While the rationales vary, the authors stress that they found that most universities never considered the direction their hiring was headed at senior levels. Such trends don't get attention from boards of trustees or senior administrators. And while boards and senior officials may exercise tight control over certain relevant issues -- such as the creation of new tenure-track slots -- at leading universities, much more autonomy is given on other issues.

On the issue of cost, the authors wrote that the impact is most apparent not in the creation of adjunct positions, which usually isn't done to save money. Cost is a factor in moving away from adjuncts, they write. Whatever rationale has been given for the creation of the slot off the tenure-track, officials see a high cost to either converting the slot to one on the tenure track or eliminating the job, they write.

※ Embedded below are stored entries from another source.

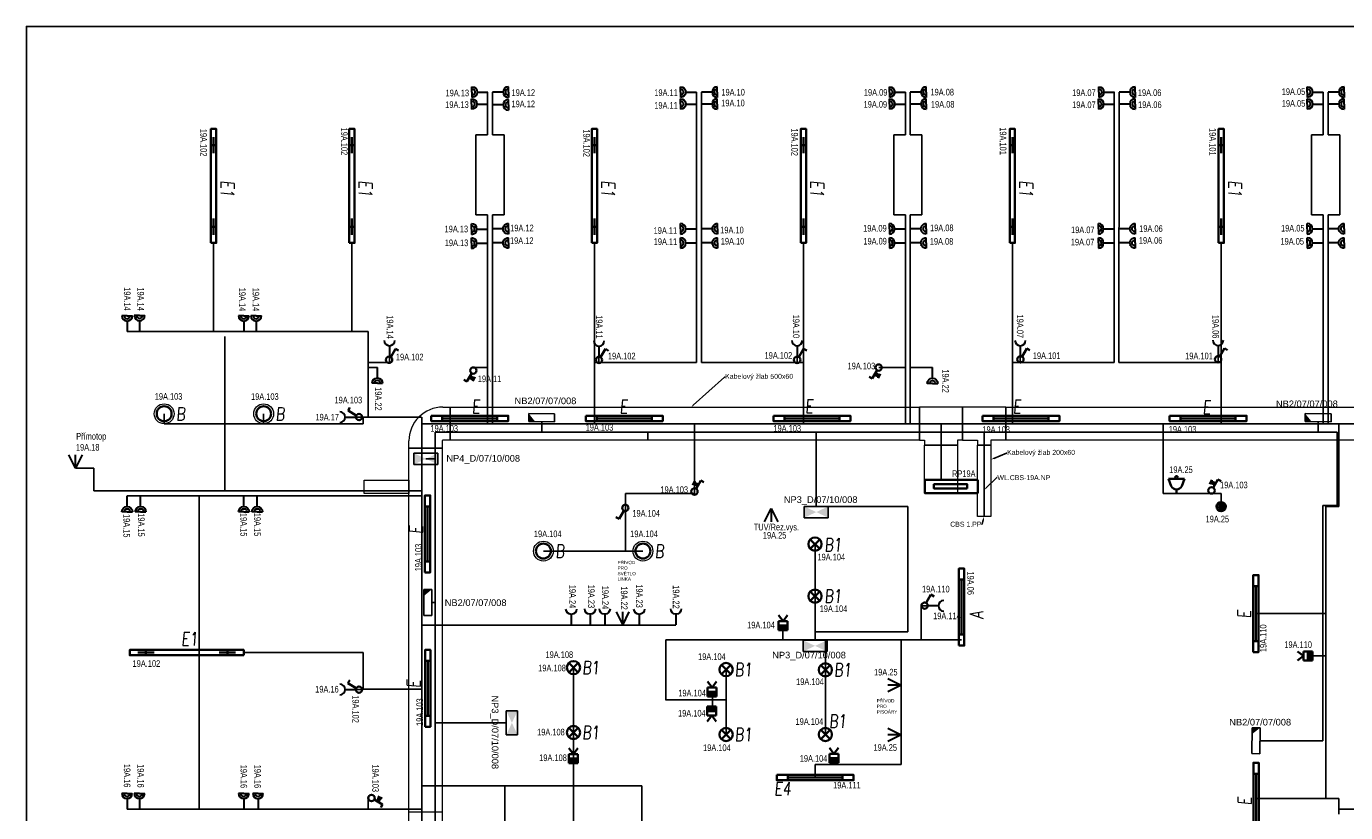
# Model space of a CAD drawing. Header units: millimetres. Extents: x 370888 to 505664, y 284292 to 447185.
# Tile 20 of 41: x 373037 to 392927, y 365519 to 377372. Entities that reach past the tile are written whole.
import ezdxf
from ezdxf import colors
from ezdxf.entities.mleader import LeaderData, LeaderLine
from ezdxf.enums import TextEntityAlignment as Align
from ezdxf.math import Vec2, Vec3

# ---------------------------------------------------------------- set-up
doc = ezdxf.new("R2010")
doc.units = ezdxf.units.MM
doc.header["$LTSCALE"] = 100
doc.layers.get('0').update_dxf_attribs({"color": 21, "linetype": 'CONTINUOUS'})
for name, color, linetype, lineweight in [('2DE_OBL', 91, 'CONTINUOUS', 35), ('2DE_OBL_L1', 91, 'CONTINUOUS', 35), ('CP_DETAL', 33, 'CONTINUOUS', 18), ('E_KABELOVY ŽLAB', 36, 'CONTINUOUS', 25), ('E_NOUZOVÉ+PP OSVĚTLENÍ', 60, 'CONTINUOUS', 25), ('E_ROZVADĚČE', 1, 'CONTINUOUS', 35), ('E_SVĚTLA POPIS', 130, 'CONTINUOUS', 30), ('E_VEDENÍ SILNOPROUD', 50, 'CONTINUOUS', 25), ('E_VEDENÍ_CBS', 214, 'CONTINUOUS', 25), ('E_VYPINACE', 170, 'CONTINUOUS', 35), ('E_ZÁSUVKY POPIS', 111, 'CONTINUOUS', 30), ('E_ZÁSUVKY-DVOJITE', 7, 'CONTINUOUS', 30), ('E_ZÁSUVKY.OST.+VYVODY', 11, 'CONTINUOUS', 30), ('E_ŽLABY', 40, 'CONTINUOUS', 15), ('U1 LIGHTING', 10, 'CONTINUOUS', 35)]:
    doc.layers.add(name, color=color, linetype=linetype, lineweight=lineweight)
for name, color, linetype in [('BEZPECNOSTNE SVETLA', 80, 'CONTINUOUS'), ('E_RÁM', 253, 'CONTINUOUS'), ('GC3_MEP_E_LV_SECURITY LIGHT', 80, 'CONTINUOUS'), ('PIKTOGRAMY', 210, 'CONTINUOUS'), ('PRIPOJKA 230V', 1, 'CONTINUOUS'), ('ŽLAB', 7, 'CONTINUOUS')]:
    doc.layers.add(name, color=color, linetype=linetype)
doc.styles.add('ARIAL', font='arial.ttf')
doc.styles.add('CP_ATTR', font='ROMANS.SHX')
doc.styles.add('CS-ROMANS', font='romans.shx', dxfattribs={"width": 0.75, "oblique": 5})
doc.styles.get("Standard").update_dxf_attribs({"font": 'arial.ttf'})
doc.styles.add('V+P_01_B3_E_FP_001$0$BLOCK', font='romans.shx', dxfattribs={"width": 0.8})

# ---------------------------------------------------------------- blocks, each defined once
blk = doc.blocks.new('A$C3423193F')
at = {"color": 1, "linetype": 'ByBlock'}
for p, q in [((80, 240), (0, 240)), ((80, 240), (160, 240)), ((80, 160), (80, 0))]:
    blk.add_line(p, q, dxfattribs=at)
for radius in [80, 45.2]:
    blk.add_arc((80, 240), radius, 180, 0, dxfattribs=at)
blk = doc.blocks.new('zasuvka_jednoducha')
at = {"color": 1, "lineweight": 30}
blk.add_line((19281, 12983), (19281, 13143), dxfattribs=at)
blk.add_arc((19281, 12903), 80, 0, 180, dxfattribs=at)
blk = doc.blocks.new('*U30')
at = {"color": 0, "linetype": 'ByBlock'}
for p, q in [((24, 249.57), (96, 374.28)), ((96, 374.28), (143.56, 346.82))]:
    blk.add_line(p, q, dxfattribs=at)
blk.add_circle((0, 208), 48, dxfattribs=at)
blk = doc.blocks.new('prepinas-svetel-jednoduchy')
at = {"layer": 'E_VYPINACE', "rotation": 89.99999999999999}
blk.add_blockref('*U30', (208, 2), dxfattribs=at)
blk = doc.blocks.new('E')
at = {"layer": 'U1 LIGHTING', "style": 'CS-ROMANS', "oblique": 5, "width": 0.75}
blk.add_text('E', height=200, dxfattribs=at).set_placement((229480, 21709))
blk = doc.blocks.new('*U32', base_point=(28429, 5840))
at = {"linetype": 'ByBlock'}
blk.add_hatch(color=0, dxfattribs=at).paths.add_polyline_path([(28362, 5840), (28497, 5840), (28497, 5772), (28362, 5772)])
at = {"color": 0, "linetype": 'ByBlock'}
for p, q in [((28429, 5907), (28362, 5997)), ((28429, 5907), (28497, 5997)), ((28362, 5907), (28497, 5907)), ((28362, 5772), (28362, 5907)), ((28362, 5840), (28497, 5840)), ((28497, 5772), (28362, 5772)), ((28497, 5907), (28497, 5772))]:
    blk.add_line(p, q, dxfattribs=at)
blk = doc.blocks.new('pohybove-cidlo-svetla')
at = {"layer": 'E_VYPINACE', "rotation": 180}
blk.add_blockref('*U32', (-1, 30), dxfattribs=at)
blk = doc.blocks.new('*U28', base_point=(57391, -22719))
at = {"lineweight": 30, "ltscale": 0.1}
for p, q in [((57291, -22519), (57391, -22719)), ((57391, -22719), (57391, -22519)), ((57391, -22719), (57491, -22519))]:
    blk.add_line(p, q, dxfattribs=at)
blk = doc.blocks.new('pripojka 230V')
at = {"layer": 'PRIPOJKA 230V', "color": 1, "xscale": -1}
blk.add_blockref('*U28', (0, -2, -40), dxfattribs=at)
blk = doc.blocks.new('Rozvaděč')
at = {"layer": 'E_ROZVADĚČE'}
blk.add_lwpolyline([(2, 6), (802, 6), (802, 206), (2, 206), (2, 6)], dxfattribs=at)
blk.add_lwpolyline([(161, 134), (664, 134), (664, 73), (161, 73)], close=True, dxfattribs=at)
blk = doc.blocks.new('*U24')
at = {"color": 0, "linetype": 'ByBlock'}
for p, q in [((24, 249.57), (96, 374.28)), ((96, 374.28), (143.56, 346.82))]:
    blk.add_line(p, q, dxfattribs=at)
blk.add_circle((0, 208), 48, dxfattribs=at)
blk = doc.blocks.new('tlacitko_prepinac_svetla')
at = {"layer": 'E_VYPINACE'}
for points in [[(16875, 8774), (16940, 8744)], [(16888, 8798), (16951, 8769)], [(16930, 8722), (16960, 8787)]]:
    blk.add_lwpolyline(points, dxfattribs=at)
at = {"layer": 'E_VYPINACE', "rotation": 180}
blk.add_blockref('*U24', (16937, 9090), dxfattribs=at)
blk = doc.blocks.new('*U205')
for p, q in [((0, -250), (0, 250)), ((0, 250), (110, 250)), ((120, 260), (120, 370)), ((120, 370), (620, 370)), ((620, 370), (620, 260)), ((110, -250), (0, -250))]:
    blk.add_line(p, q)
for radius in [510, 10]:
    blk.add_arc((110, 260), radius, 270, 0)
at = {"style": 'CP_ATTR', "flags": 9}
for tag in ['NAME', 'PRODUCER', 'PRODUCT-TYPE', 'ARTICLE', 'FLOW', 'NUMBER', 'SYSTEM', 'FORM', 'SIZE', 'OTHER']:
    blk.add_attdef(tag, (0, 0), '', height=0.0001, dxfattribs=at)
blk = doc.blocks.new('*U207')
for p, q in [((0, -250), (0, 250)), ((0, 250), (10960, 250)), ((10960, 250), (10960, -250)), ((10960, -250), (0, -250))]:
    blk.add_line(p, q)
at = {"style": 'CP_ATTR', "flags": 9}
for tag in ['NAME', 'PRODUCER', 'PRODUCT-TYPE', 'ARTICLE', 'FLOW', 'NUMBER', 'SYSTEM', 'FORM', 'SIZE', 'OTHER']:
    blk.add_attdef(tag, (0, 0), '', height=0.0001, dxfattribs=at)
blk = doc.blocks.new('2DELLI009_CZ')
for p, q in [((-0.5, 0.1), (-0.5, -0.1)), ((-0.5, 0), (0.5, 0)), ((0.5, 0.1), (0.5, -0.1))]:
    blk.add_line(p, q)
blk.add_lwpolyline([(-0.7, 0.2), (0.7, 0.2), (0.7, -0.2), (-0.7, -0.2)], close=True)
at = {"linetype": 'ByBlock', "style": 'CP_ATTR', "flags": 9}
for tag, p in [('NAME', (-0.092, -0.018)), ('GROUP', (-0.092, -0.018)), ('NUMBER', (-0.092, -0.018)), ('PRODUCER', (-0.092, -0.018)), ('ARTICLE', (-0.092, -0.018)), ('CHARACTER', (-0.092, -0.018)), ('VOLTAGE', (-0.092, -0.019)), ('WEIGHT', (-0.092, -0.018)), ('OTHER', (-0.092, -0.018)), ('PRODUCT-TYPE', (-0.092, -0.019)), ('ORDER-NO', (-0.092, -0.019)), ('POWER', (-0.092, -0.019))]:
    blk.add_attdef(tag, text='', height=0.00005, dxfattribs=at).set_placement(p, align=Align.MIDDLE_LEFT)
blk = doc.blocks.new('*U210')
at = {"layer": 'GC3_MEP_E_LV_SECURITY LIGHT', "linetype": 'ByBlock'}
for p, q in [((135, 59), (-255, 61)), ((-255, 61), (-255, -59)), ((135, -61), (135, 59)), ((-255, -59), (135, -61))]:
    blk.add_line(p, q, dxfattribs=at)
at = {"layer": 'GC3_MEP_E_LV_SECURITY LIGHT'}
blk.add_solid([(-255, 61), (-255, -59), (-158, -60)], dxfattribs=at)
at = {"layer": 'BEZPECNOSTNE SVETLA', "style": 'ARIAL'}
blk.add_attdef('BEZ.SV', (52, -54), '', height=100, dxfattribs=at)
blk = doc.blocks.new('*U211')
at = {"layer": 'GC3_MEP_E_LV_SECURITY LIGHT', "linetype": 'ByBlock'}
for p, q in [((-121, 195), (-119, -195)), ((-1, 195), (-121, 195)), ((1, -195), (-1, 195)), ((-119, -195), (1, -195))]:
    blk.add_line(p, q, dxfattribs=at)
at = {"layer": 'GC3_MEP_E_LV_SECURITY LIGHT'}
blk.add_solid([(-1, 195), (-121, 195), (-120, 98)], dxfattribs=at)
at = {"layer": 'BEZPECNOSTNE SVETLA', "style": 'ARIAL'}
blk.add_attdef('BEZ.SV', (52, -54), '', height=100, dxfattribs=at)
blk = doc.blocks.new('*U212')
at = {"layer": 'GC3_MEP_E_LV_SECURITY LIGHT', "linetype": 'ByBlock'}
for p, q in [((-118, 196), (-122, -194)), ((2, 194), (-118, 196)), ((-2, -196), (2, 194)), ((-122, -194), (-2, -196))]:
    blk.add_line(p, q, dxfattribs=at)
at = {"layer": 'GC3_MEP_E_LV_SECURITY LIGHT'}
blk.add_solid([(2, 194), (-118, 196), (-119, 99)], dxfattribs=at)
at = {"layer": 'BEZPECNOSTNE SVETLA', "style": 'ARIAL'}
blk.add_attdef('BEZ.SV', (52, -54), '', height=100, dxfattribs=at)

Another challenge that the authors say the use of adjuncts create for elite universities is an uncomfortable reality: those off the tenure track -- with lesser working conditions and less money -- are frequently better teachers.

Using data from Michigan, broken out by departments and by lower/upper division status, the authors find that non-tenure track instructors consistently receive better ratings than do those on the tenure track whenever data were sufficient to study. The ratings below are on a 5-point scale, with 5 as the best score. But the authors note that because most students at Michigan give professors ratings in the 3 to 5 range, the gaps here are even larger. (n/a indicates that there were not enough evaluations to make a statistically valid figure.)

Average Student Rankings of University of Michigan Instructors

  Tenure-Track Non-Tenure-Track Teaching Assistant
Lower-division courses      
--Chemistry 3.63 4.06 4.02
--Economics 3.82 4.41 3.88
--English 4.30 4.63 4.17
--Philosophy 4.08 n/a 4.05
--Physics 4.13 4.31 3.82
--Psychology 4.46 n/a 4.03
Upper-division courses      
--Chemistry 3.88 4.09 4.05
--Economics 4.04 4.64 4.00
--English 4.46 4.76 4.09
--Philosophy 4.27 n/a 4.03
--Physics 4.14 n/a n/a
--Psychology 4.41 4.65 4.18

The authors note that despite the clear track record of adjuncts as teachers, they are not only blocked from getting on the tenure track by its emphasis on research they don't have time to do, but they must face a relative lack of job security and a range of limits -- some substantive and some petty. The universities in the study have a range of policies on adjuncts' role in governance, both at the campus and departmental levels. The authors write that this situation threatens the tradition of shared governance, which assumes common values and a common commitment to an institution, and of academic freedom, which depends on job security. With adjuncts and tenure-track faculty having different rights and perspectives, the situation is ripe either for unionization or centralization of authority, and the authors don't want either course.

In keeping with the overall tone of the book, it ends with a series of recommendations that are as much calls for deliberation as calls to arms, and the recommendations generally do not cast blame. But they do suggest universities have work to do. The authors recommend:

  • Developing information systems that would at the very least make hiring trends clear, and enable better informed decision making.
  • Reviewing campus governance systems to determine whether there is a sufficient role that reflects the work of those off the tenure track.
  • Reconsidering the way colleges compete for top faculty members so that fewer are given pledges that keep them out of the classroom.
  • Questioning whether "business models" are the most appropriate way for colleges to make decisions.
  • Making the treatment of part-time faculty members something that is thought out and appropriate, not hit or miss.

This approach, the authors write, would involve the kind of deliberation and discussion that was not present as the status quo developed. This approach "would be to decide on the necessary roles on campus that are best filled by non-tenure-track faculty and to determine the number of non-tenure-track hires needed to fill those roles, to plan for that number, and to treat the hires as valued members of the academic community."